#### WHAT TO WORK ON:
What is needed is a faithful copy of all the entries, with no pictures in it.

#### DATA FOR ANALYSIS ####

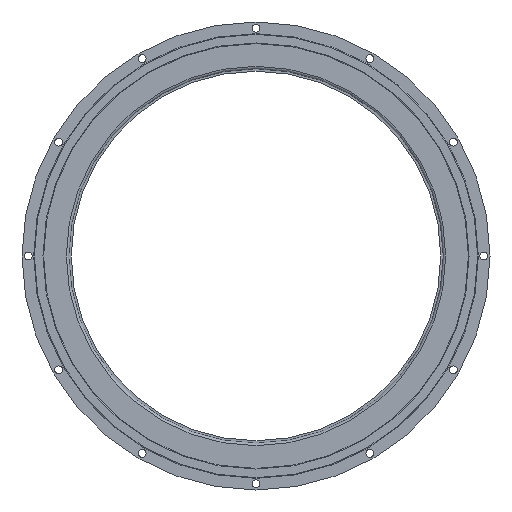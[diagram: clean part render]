
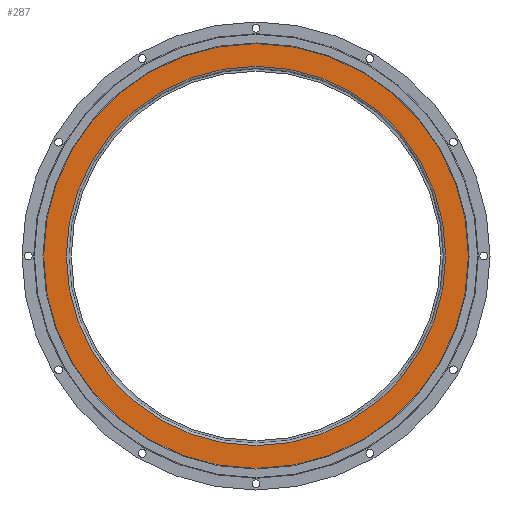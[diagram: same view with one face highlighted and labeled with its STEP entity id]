
A CAD part, left-side view. The second image highlights one B-rep face of the part: STEP entity #287.
In plain terms, the highlighted planar face has unit normal (-1, 0, 0).
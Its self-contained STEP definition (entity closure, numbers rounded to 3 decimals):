
#287=ADVANCED_FACE('',(#632,#634),#636,.T.);
#632=FACE_BOUND('',#633,.T.);
#633=EDGE_LOOP('',(#771));
#634=FACE_BOUND('',#635,.T.);
#635=EDGE_LOOP('',(#772));
#636=PLANE('',#637);
#637=AXIS2_PLACEMENT_3D('',#638,#639,#640);
#638=CARTESIAN_POINT('',(-40.,0.,0.));
#639=DIRECTION('',(-1.,0.,0.));
#640=DIRECTION('',(0.,0.,1.));
#771=ORIENTED_EDGE('',*,*,#822,.T.);
#772=ORIENTED_EDGE('',*,*,#824,.F.);
#822=EDGE_CURVE('',#904,#904,#905,.T.);
#824=EDGE_CURVE('',#908,#908,#909,.T.);
#904=VERTEX_POINT('',#1105);
#905=CIRCLE('',#1106,172.5);
#908=VERTEX_POINT('',#1115);
#909=CIRCLE('',#1116,154.);
#1105=CARTESIAN_POINT('',(-40.,0.,172.5));
#1106=AXIS2_PLACEMENT_3D('',#1107,#1108,#1109);
#1107=CARTESIAN_POINT('',(-40.,0.,0.));
#1108=DIRECTION('',(-1.,0.,0.));
#1109=DIRECTION('',(0.,0.,1.));
#1115=CARTESIAN_POINT('',(-40.,0.,154.));
#1116=AXIS2_PLACEMENT_3D('',#1117,#1118,#1119);
#1117=CARTESIAN_POINT('',(-40.,0.,0.));
#1118=DIRECTION('',(-1.,0.,0.));
#1119=DIRECTION('',(0.,0.,1.));

####

#### RESULT OF THIS TASK:
[diagram: clean part render]
[diagram: same view with one face highlighted and labeled with its STEP entity id]
A CAD part, left-side view. The second image highlights one B-rep face of the part: STEP entity #287.
In plain terms, the highlighted planar face has unit normal (-1, 0, 0).
Its self-contained STEP definition (entity closure, numbers rounded to 3 decimals):
#287=ADVANCED_FACE('',(#632,#634),#636,.T.);
#632=FACE_BOUND('',#633,.T.);
#633=EDGE_LOOP('',(#771));
#634=FACE_BOUND('',#635,.T.);
#635=EDGE_LOOP('',(#772));
#636=PLANE('',#637);
#637=AXIS2_PLACEMENT_3D('',#638,#639,#640);
#638=CARTESIAN_POINT('',(-40.,0.,0.));
#639=DIRECTION('',(-1.,0.,0.));
#640=DIRECTION('',(0.,0.,1.));
#771=ORIENTED_EDGE('',*,*,#822,.T.);
#772=ORIENTED_EDGE('',*,*,#824,.F.);
#822=EDGE_CURVE('',#904,#904,#905,.T.);
#824=EDGE_CURVE('',#908,#908,#909,.T.);
#904=VERTEX_POINT('',#1105);
#905=CIRCLE('',#1106,172.5);
#908=VERTEX_POINT('',#1115);
#909=CIRCLE('',#1116,154.);
#1105=CARTESIAN_POINT('',(-40.,0.,172.5));
#1106=AXIS2_PLACEMENT_3D('',#1107,#1108,#1109);
#1107=CARTESIAN_POINT('',(-40.,0.,0.));
#1108=DIRECTION('',(-1.,0.,0.));
#1109=DIRECTION('',(0.,0.,1.));
#1115=CARTESIAN_POINT('',(-40.,0.,154.));
#1116=AXIS2_PLACEMENT_3D('',#1117,#1118,#1119);
#1117=CARTESIAN_POINT('',(-40.,0.,0.));
#1118=DIRECTION('',(-1.,0.,0.));
#1119=DIRECTION('',(0.,0.,1.));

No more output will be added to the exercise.